- **WHAT TO DO**
Across the entries below, determine how many lines include the word "near". State only the resulting number.
====
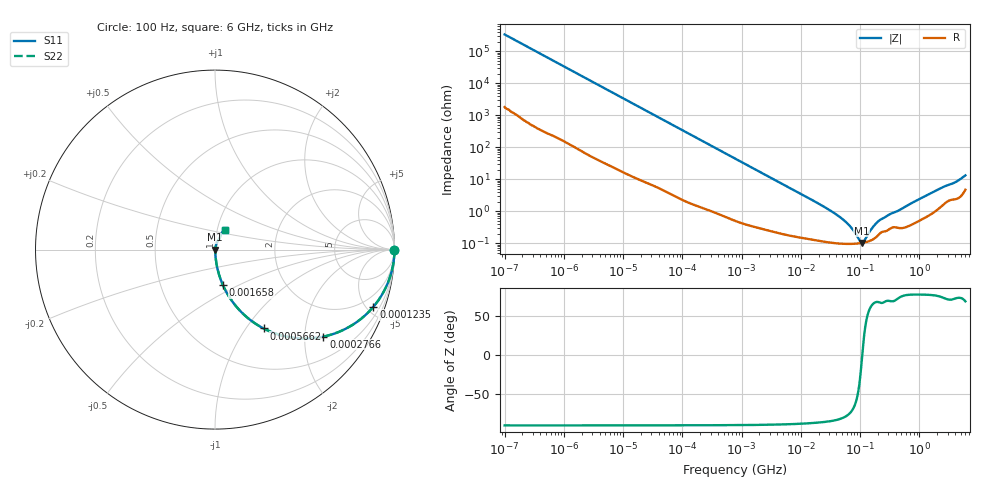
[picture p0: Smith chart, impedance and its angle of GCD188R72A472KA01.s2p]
!Murata Part Number: GCD188R72A472KA01
!These Parameters are Measured in Series Mode Connection
!Data Generated on Jan 08, 2026
!  o--ll--o
!Port1  Port2
!  o------o
!Operation Temp=25[degC], DC Bias Voltage=0[V]
!Freq. Start=100[Hz] Stop=6[GHz] 401[Steps]
# Hz S RI R 50
!Freq.(Hz) S11(Real) S11(Imag) S21(Real) S21(Imag) S12(Real) S12(Imag) S22(Real) S22(Imag)
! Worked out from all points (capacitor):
!   401 points, 100 Hz to 6 GHz, reference 50 ohm
!   read as one part in series: C = 4.76 nF near 109 Hz
!   lowest |Z| = 102 mohm at 106.7 MHz (marker M1)
!   series resonance near 108.8 MHz, so ESL is about 450 pH
!   S11 on the Smith chart (normalised r, x): 100 Hz: open; 123.5 kHz: 1.04, -5.52; 276.6 kHz: 1.02, -2.47; 566.2 kHz: 1.01, -1.21; 1.658 MHz: 1.01, -0.42; 6 GHz: 1.09, +0.25
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100  1 -0.0003  1.7e-06 0.0003  1.7e-06 0.0003  1 -0.0003
2008  0.9999 -0.00597  6.21e-05 0.00597  6.21e-05 0.00597  0.9999 -0.00597
12592  0.9984 -0.0372  0.00157 0.0372  0.00157 0.0372  0.9984 -0.0372
40335  0.9854 -0.117  0.0146 0.117  0.0146 0.117  0.9854 -0.117
123542  0.8822 -0.3189  0.1178 0.3189  0.1178 0.3189  0.8822 -0.3189
276587  0.6038 -0.4848  0.3962 0.4848  0.3962 0.4848  0.6038 -0.4848
566185  0.2711 -0.4394  0.7289 0.4394  0.7289 0.4394  0.2711 -0.4394
774597  0.1675 -0.3679  0.8325 0.3679  0.8325 0.3679  0.1675 -0.3679
1658239  0.0444 -0.1984  0.9556 0.1984  0.9556 0.1984  0.0444 -0.1984
4246196  0.00867 -0.081  0.9913 0.081  0.9913 0.081  0.00867 -0.081
1.555665e7  0.00178 -0.0222  0.9982 0.0222  0.9982 0.0222  0.00178 -0.0222
3.184506e7  0.00114 -0.0103  0.9989 0.0103  0.9989 0.0103  0.00114 -0.0103
5.211241e7  0.000983 -0.00532  0.999 0.00532  0.999 0.00532  0.000983 -0.00532
7.129496e7  0.000958 -0.00289  0.999 0.00289  0.999 0.00289  0.000958 -0.00289
9.753859e7  0.00099 -0.000728  0.999 0.000728  0.999 0.000728  0.00099 -0.000728
1.066761e8  0.00101 -0.00013  0.999 0.00013  0.999 0.00013  0.00101 -0.00013
1.166697e8  0.00104 0.00047  0.999 -0.00047  0.999 -0.00047  0.00104 0.00047
1.526266e8  0.00122 0.00233  0.9988 -0.00233  0.9988 -0.00233  0.00122 0.00233
1.909225e8  0.00161 0.00402  0.9984 -0.00402  0.9984 -0.00402  0.00161 0.00402
3.124326e8  0.00278 0.00738  0.9972 -0.00738  0.9972 -0.00738  0.00278 0.00738
4.009986e9  0.0283 0.0721  0.9717 -0.0721  0.9717 -0.0721  0.0283 0.0721
6e9  0.0577 0.1109  0.9423 -0.1109  0.9423 -0.1109  0.0577 0.1109
====
- **ANSWER BOX**
2